# Why get rid of your debt



## Dirk (Mar 4, 2015)

*Why get rid of your debt?*

I read everywhere that you should get rid of your debt. This supposed to be very important if the next trouble is an economic crash. Why is this? If the crash is big enough, banks are all gone anyway.


----------



## coates776 (Sep 4, 2015)

I'm thinking if you are confined to your house for any reason for a long period of time you won't be able to work so can't pay any bills. A year later when things may get back to normal you would have a lot of your creditors chasing you for money. You may have been defending your home for no reason.


----------



## Dirk (Mar 4, 2015)

Might be. Probably also depending on what trouble is coming. Anyway, I am lucky. Almost all debts are paid. Like now paying my nice BOL in cash ;-)


----------



## Camel923 (Aug 13, 2014)

Good for you Dirk that your beating down the debt monster. Those in power and that ones owed money to will not cancel your debt. You will still be hounded to pay weather you can or not. I do not see the government giving you a Mulligan on taxes. Bankruptcy can only do so much. If you have acquired assets over a certain level, you will fore fit the excess.


----------



## AquaHull (Jun 10, 2012)

The Creditors may even be Asian


----------



## CWOLDOJAX (Sep 5, 2013)

At the very core of this is character.
You promised to pay your debt.

If the economy ever dramatically crashes along with a total govt collapse somebody will be looking for their money.

Someday, I hope we can get to an old, old economy of jubilee years. Every 7 years all debts are zeroed. People do not work for an entire year. Good stuff.

At least it's better than a mortgage (mort-gage, = From Anglo-Norman morgage, Middle French mortgage, from Old French mort gage (“death pledge”)).


----------



## Arklatex (May 24, 2014)

In a total collapse won't the bankers and debt collecters all be in the same boat as everybody else? They will be more worried about survival. 

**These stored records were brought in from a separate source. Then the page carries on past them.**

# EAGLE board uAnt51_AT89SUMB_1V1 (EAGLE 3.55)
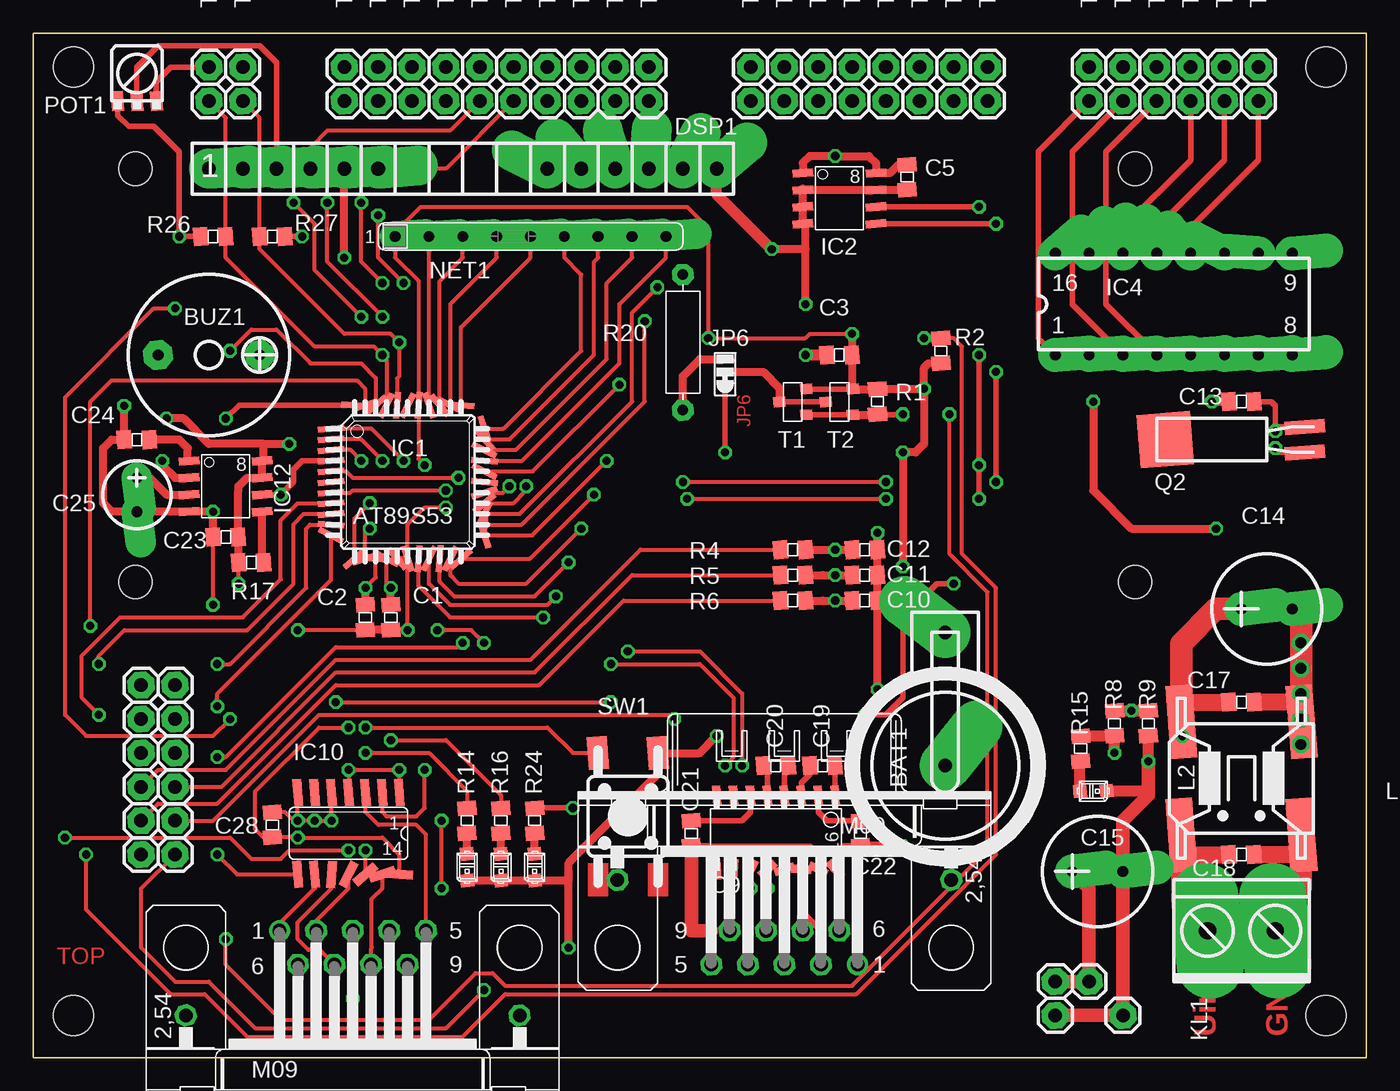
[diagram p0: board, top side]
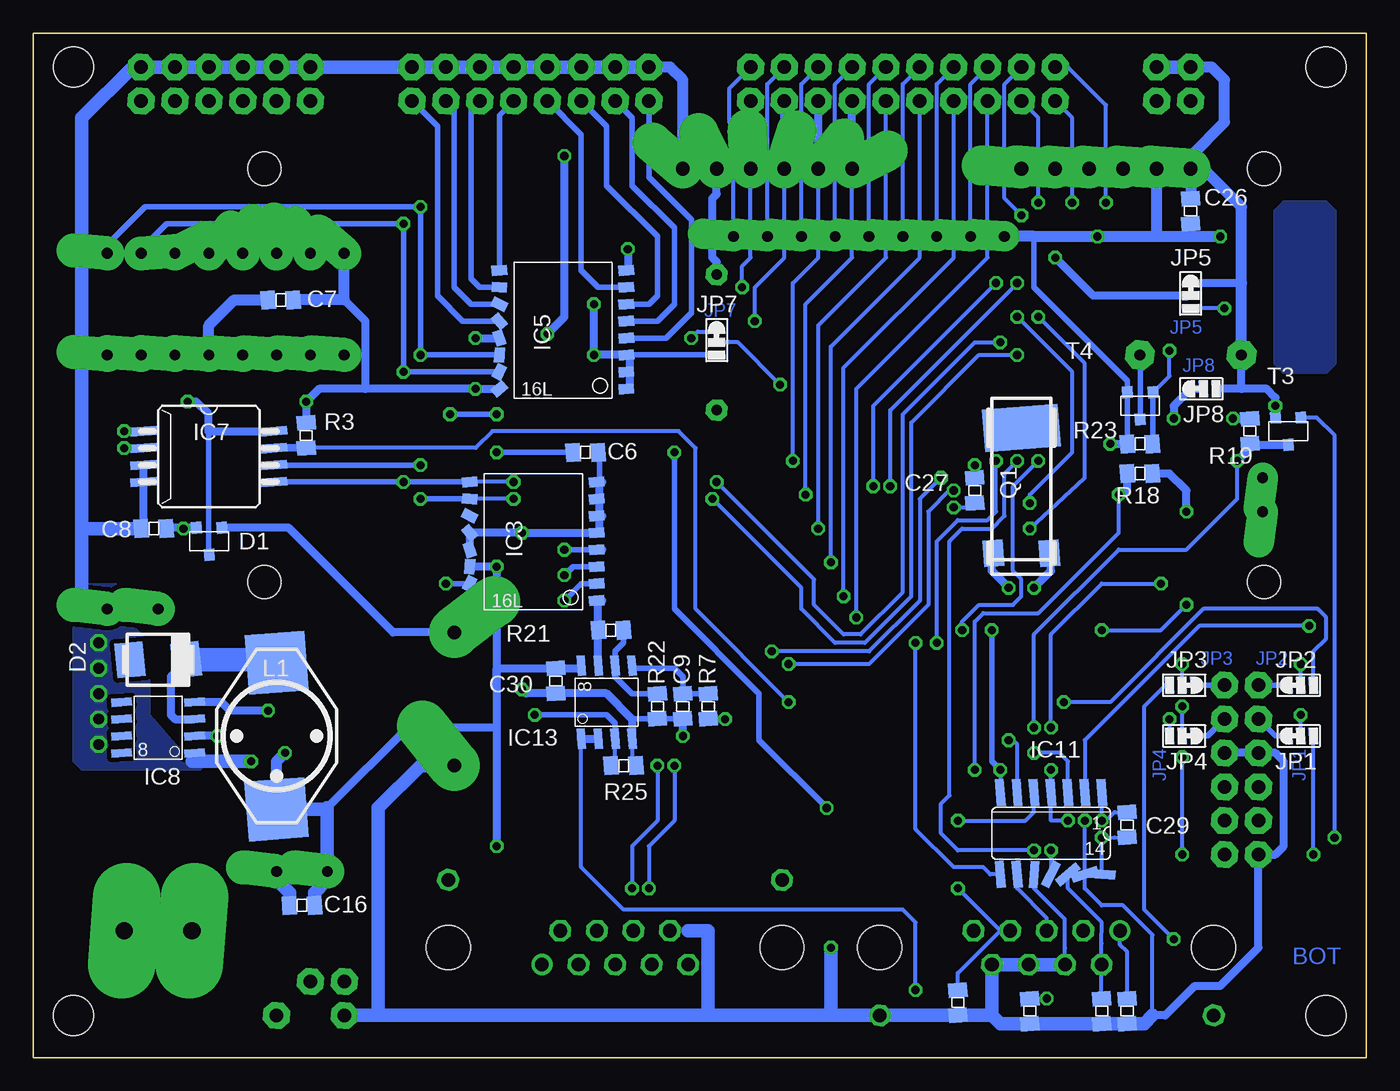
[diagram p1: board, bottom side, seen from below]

Size 100 x 76.81 mm. Coordinates in mm from the lower left corner, seen from the top.
Outline: 0,76.81 0,0 100,0 100,76.81 0,76.81
Copper layers used: Top, Bottom
Holes 3 mm at 96.99,3.16 3.01,3.16 3.01,74.28 96.99,74.28

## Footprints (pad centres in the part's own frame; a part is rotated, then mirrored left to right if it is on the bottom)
YST50X = drill 1.016 pad 3.81 offset: TT 10,0;  0,0
UCW06 = drill 0.813 pad 2.184 octagon:  0,-3.81;  0,3.81
05 = smd 1.092 x 1.397 rotated 4.4:  0.94,0 | smd 1.092 x 1.397 rotated 4.3:  -0.94,0
KO3_8 = drill 0.813 pad 2.54 offset:  -1.905,0;  1.905,0
KO2_5 = drill 0.813 pad 2.3 offset:  -1.27,0;  1.27,0
9H = drill 1.016 pad 1.6 octagon:  5.486,1.27;  2.743,1.27;  0,1.27;  -2.743,1.27;  4.115,-1.27;  1.372,-1.27;  -1.372,-1.27;  -4.115,-1.27;  12.522,-5.08;  -12.522,-5.08 | drill 1.016 pad 1.6 round:  -5.486,1.27 | hole 3.302: 12.522,0; -12.522,0
T23 = smd 0.787 x 0.889 rotated 4.4:  0.991,1.016 | smd 0.787 x 0.889 rotated 4.3:  -0.94,1.016 | smd 0.787 x 0.889 rotated 4.5:  0.025,-1.016
B = smd 2.1 x 2.6 rotated 6.6:  -2.1,0 | smd 2.1 x 2.6 rotated 5.7:  2.1,0
0524B = drill 1.016 pad 3 offset:  0,0;  2.54,0;  5.08,0;  7.62,0;  10.16,0;  12.7,0;  25.4,0;  27.94,0;  30.48,0;  33.02,0;  35.56,0;  38.1,0 | hole 2.5: -5.5,-31; -5.5,0; 69.5,0; 69.5,-31
FP44 = smd 0.45 x 2 rotated 26.8:  4,-5.75 | smd 0.45 x 2 rotated 4.3:  3.2,-5.75;  -4,-5.75 | smd 0.45 x 2 rotated 5:  2.4,-5.75 | smd 0.45 x 2 rotated 4.9:  1.6,-5.75 | smd 0.45 x 2 rotated 4.8:  0.8,-5.75 | smd 0.45 x 2 rotated 4.7:  0,-5.75;  -0.8,-5.75 | smd 0.45 x 2 rotated 4.6:  -1.6,-5.75 | smd 0.45 x 2 rotated 4.5:  -2.4,-5.76;  -1.6,5.75 | smd 0.45 x 2 rotated 4.4:  -3.2,-5.75 | smd 0.45 x 2 rotated 71.9:  4,5.75 | smd 0.45 x 2 rotated 94.4:  3.2,5.75 | smd 0.45 x 2 rotated 116.9:  2.4,5.75 | smd 0.45 x 2 rotated 139.4:  1.6,5.75 | smd 0.45 x 2 rotated 161.9:  0.8,5.75 | smd 0.45 x 2 rotated 184.4:  0,5.75 | smd 0.45 x 2 rotated 206.9:  -0.8,5.75 | smd 0.45 x 2 rotated 27:  -2.4,5.74 | smd 0.45 x 2 rotated 49.5:  -3.2,5.75 | smd 0.45 x 2 rotated 72:  -4,5.75 | smd 2 x 0.45 rotated 49.3:  5.75,-4 | smd 2 x 0.45 rotated 71.8:  5.75,-3.2 | smd 2 x 0.45 rotated 94.3:  5.75,-2.4 | smd 2 x 0.45 rotated 116.8:  5.75,-1.6 | smd 2 x 0.45 rotated 139.3:  5.75,-0.8 | smd 2 x 0.45 rotated 161.8:  5.75,0 | smd 2 x 0.45 rotated 184.3:  5.75,0.8 | smd 2 x 0.45 rotated 206.8:  5.75,1.6 | smd 2 x 0.45 rotated 4.4:  5.74,2.4 | smd 2 x 0.45 rotated 26.9:  5.75,3.2 | smd 2 x 0.45 rotated 49.4:  5.75,4 | smd 2 x 0.45 rotated 94.6:  -5.75,-4 | smd 2 x 0.45 rotated 72.1:  -5.75,-3.2 | smd 2 x 0.45 rotated 49.6:  -5.75,-2.4 | smd 2 x 0.45 rotated 27.1:  -5.75,-1.6 | smd 2 x 0.45 rotated 4.6:  -5.75,-0.8 | smd 2 x 0.45 rotated 207:  -5.75,0 | smd 2 x 0.45 rotated 184.5:  -5.75,0.8 | smd 2 x 0.45 rotated 162:  -5.75,1.6 | smd 2 x 0.45 rotated 139.5:  -5.76,2.4 | smd 2 x 0.45 rotated 117:  -5.75,3.2 | smd 2 x 0.45 rotated 94.5:  -5.75,4
8 = smd 0.61 x 1.524 rotated 4.3:  -1.905,-2.743 | smd 0.61 x 1.524 rotated 4.9:  -1.905,2.743 | smd 0.61 x 1.524 rotated 4.4:  -0.635,-2.743 | smd 0.61 x 1.524 rotated 4.5:  0.635,-2.743 | smd 0.61 x 1.524 rotated 4.8:  -0.635,2.743 | smd 0.61 x 1.524 rotated 4.7:  0.635,2.743;  1.905,2.743 | smd 0.61 x 1.524 rotated 4.6:  1.905,-2.743
16L = smd 0.762 x 1.143 rotated 4.3:  -4.445,-4.648;  3.175,4.877 | smd 0.762 x 1.143 rotated 4.4:  -3.175,-4.648 | smd 0.762 x 1.143 rotated 4.5:  -1.905,-4.648 | smd 0.762 x 1.143 rotated 4.6:  -0.635,-4.648 | smd 0.762 x 1.143 rotated 4.7:  0.635,-4.648;  1.905,-4.648 | smd 0.762 x 1.143 rotated 4.8:  3.175,-4.648 | smd 0.762 x 1.143 rotated 4.9:  4.445,-4.648 | smd 0.762 x 1.143 rotated 5:  4.445,4.877 | smd 0.762 x 1.143 rotated 26.8:  1.905,4.877 | smd 0.762 x 1.143 rotated 49.3:  0.635,4.877 | smd 0.762 x 1.143 rotated 71.8:  -0.635,4.877 | smd 0.762 x 1.143 rotated 94.3:  -1.905,4.877 | smd 0.762 x 1.143 rotated 116.8:  -3.175,4.877 | smd 0.762 x 1.143 rotated 139.3:  -4.445,4.877
L16 = drill 0.813 pad 2.54 offset:  0,0;  2.54,0;  5.08,0;  7.62,0;  10.16,0;  12.7,0;  15.24,0;  17.78,0;  17.78,7.62;  15.24,7.62;  12.7,7.62;  10.16,7.62;  7.62,7.62;  5.08,7.62;  2.54,7.62;  0,7.62
8L = smd 0.65 x 2 rotated 4.3:  -1.905,-4.877 | smd 0.65 x 2 rotated 4.4:  -0.635,-4.877 | smd 0.65 x 2 rotated 4.5:  0.635,-4.877 | smd 0.65 x 2 rotated 4.6:  1.905,-4.877 | smd 0.65 x 2 rotated 4.7:  1.905,4.877;  0.635,4.877 | smd 0.65 x 2 rotated 4.8:  -0.635,4.877 | smd 0.65 x 2 rotated 4.9:  -1.905,4.877
16 = smd 0.61 x 1.524 rotated 4.3:  -3.81,-2.819;  3.81,2.692 | smd 0.61 x 1.524 rotated 139.3:  -3.81,2.692 | smd 0.61 x 1.524 rotated 4.4:  -2.54,-2.819 | smd 0.61 x 1.524 rotated 4.5:  -1.27,-2.819 | smd 0.61 x 1.524 rotated 116.8:  -2.54,2.692 | smd 0.61 x 1.524 rotated 94.3:  -1.27,2.692 | smd 0.61 x 1.524 rotated 4.6:  0,-2.819 | smd 0.61 x 1.524 rotated 71.8:  0,2.692 | smd 0.61 x 1.524 rotated 4.7:  1.27,-2.819;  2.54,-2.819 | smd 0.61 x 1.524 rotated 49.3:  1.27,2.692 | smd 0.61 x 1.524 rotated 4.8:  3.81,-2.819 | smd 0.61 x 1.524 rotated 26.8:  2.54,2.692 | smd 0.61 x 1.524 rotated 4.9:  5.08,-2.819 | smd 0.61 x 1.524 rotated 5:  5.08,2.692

I'm curious what happened in Greece. Their economy collapsed. What happened to all the people with debt? Did the lenders come and take their homes away?


----------



## rice paddy daddy (Jul 17, 2012)

The peace of mind that comes from reducing debt is priceless in and of itself.
My wife and I achieved debt free status in 2009. After many years of making do and doing without, we have:
No mortgage, all 4 trucks and cars are paid, no loans of any type, no credit cards, no utility bills (we have our own well & septic), not even a garbage disposal fee(I take it to the dump). We do not have a satellite/cable bill, just an antenna for the minimal TV we watch. The $30,000 horse trailer is paid.

Our expenses are: yearly property tax, electricity, and fuel, license & insurance on vehicles. Health insurance. Feed and hay for the horses, chickens and dogs. We grow a some of our food, reducing grocery bills. We keep chickens for eggs and meat. We have deer and locally raised beef in the freezer.

What a relief to have all this accomplished, knowing that if I was laid off tomorrow our world would not end. 
My wife has not worked outside the home since 1995, and I retire in 3 more months.


----------



## Slippy (Nov 14, 2013)

If you ask a man for a loan and you give that man a handshake and say you will repay that loan in full as well as follow the conditions of the loan, then pay it back. Simple.

I know I feel a whole lot better when I am not indebted to any man. 

Funny story, One piece of foreclosed real estate that I bought had some leftover items from the previous owner that lost the property back to the bank for failure to pay. After I bought the property, I informed the bank that I had no use for the items left by the previous owner and to please remove them from my property. A few weeks later they were removed and I began making improvements to the real estate. The previous owner sent me a letter asking where "his" items were, and that he wanted them back. I replied via a certified letter from an attorney. The letter was the most eloquently written "go to hell and die" letter I have ever seen! It cost me $200 but was worth it.


----------



## Ripon (Dec 22, 2012)

In a state of inflation, hyper in flation a debt would be a good thing. So long as worthless cash was truly available and you could accumulate it easily and use it easily (to pay now very small debts) it sounds great. But let me suggest two alternate crisis scenarios. 

A) we don't hyper in late we deflate. This already happened in America in the 1920's leading to the depression. In this scenario you will find payments in demand and harder to make. 

b) a currency change. Sure we inflate for a bit but then some politico group says all dollars are now green backs and for every dollar you owe we want three green backs, and no one will give you three for one.


----------



## Stick (Sep 29, 2014)

As of about six months ago, I am debt free for the first time in my adult life (65). It's a great feeling.


----------



## Gimble (Aug 14, 2015)

So I personally believe in paying back a debt. Like many have said, its a promise that you made. 

There is a great feeling that comes with being debt free that I'm hoping to find one day when my mortgage is paid in full. I'm working very hard on that goal.

But there are loans that were made in bad faith and if you have one of those, then you have your own moral dilemma.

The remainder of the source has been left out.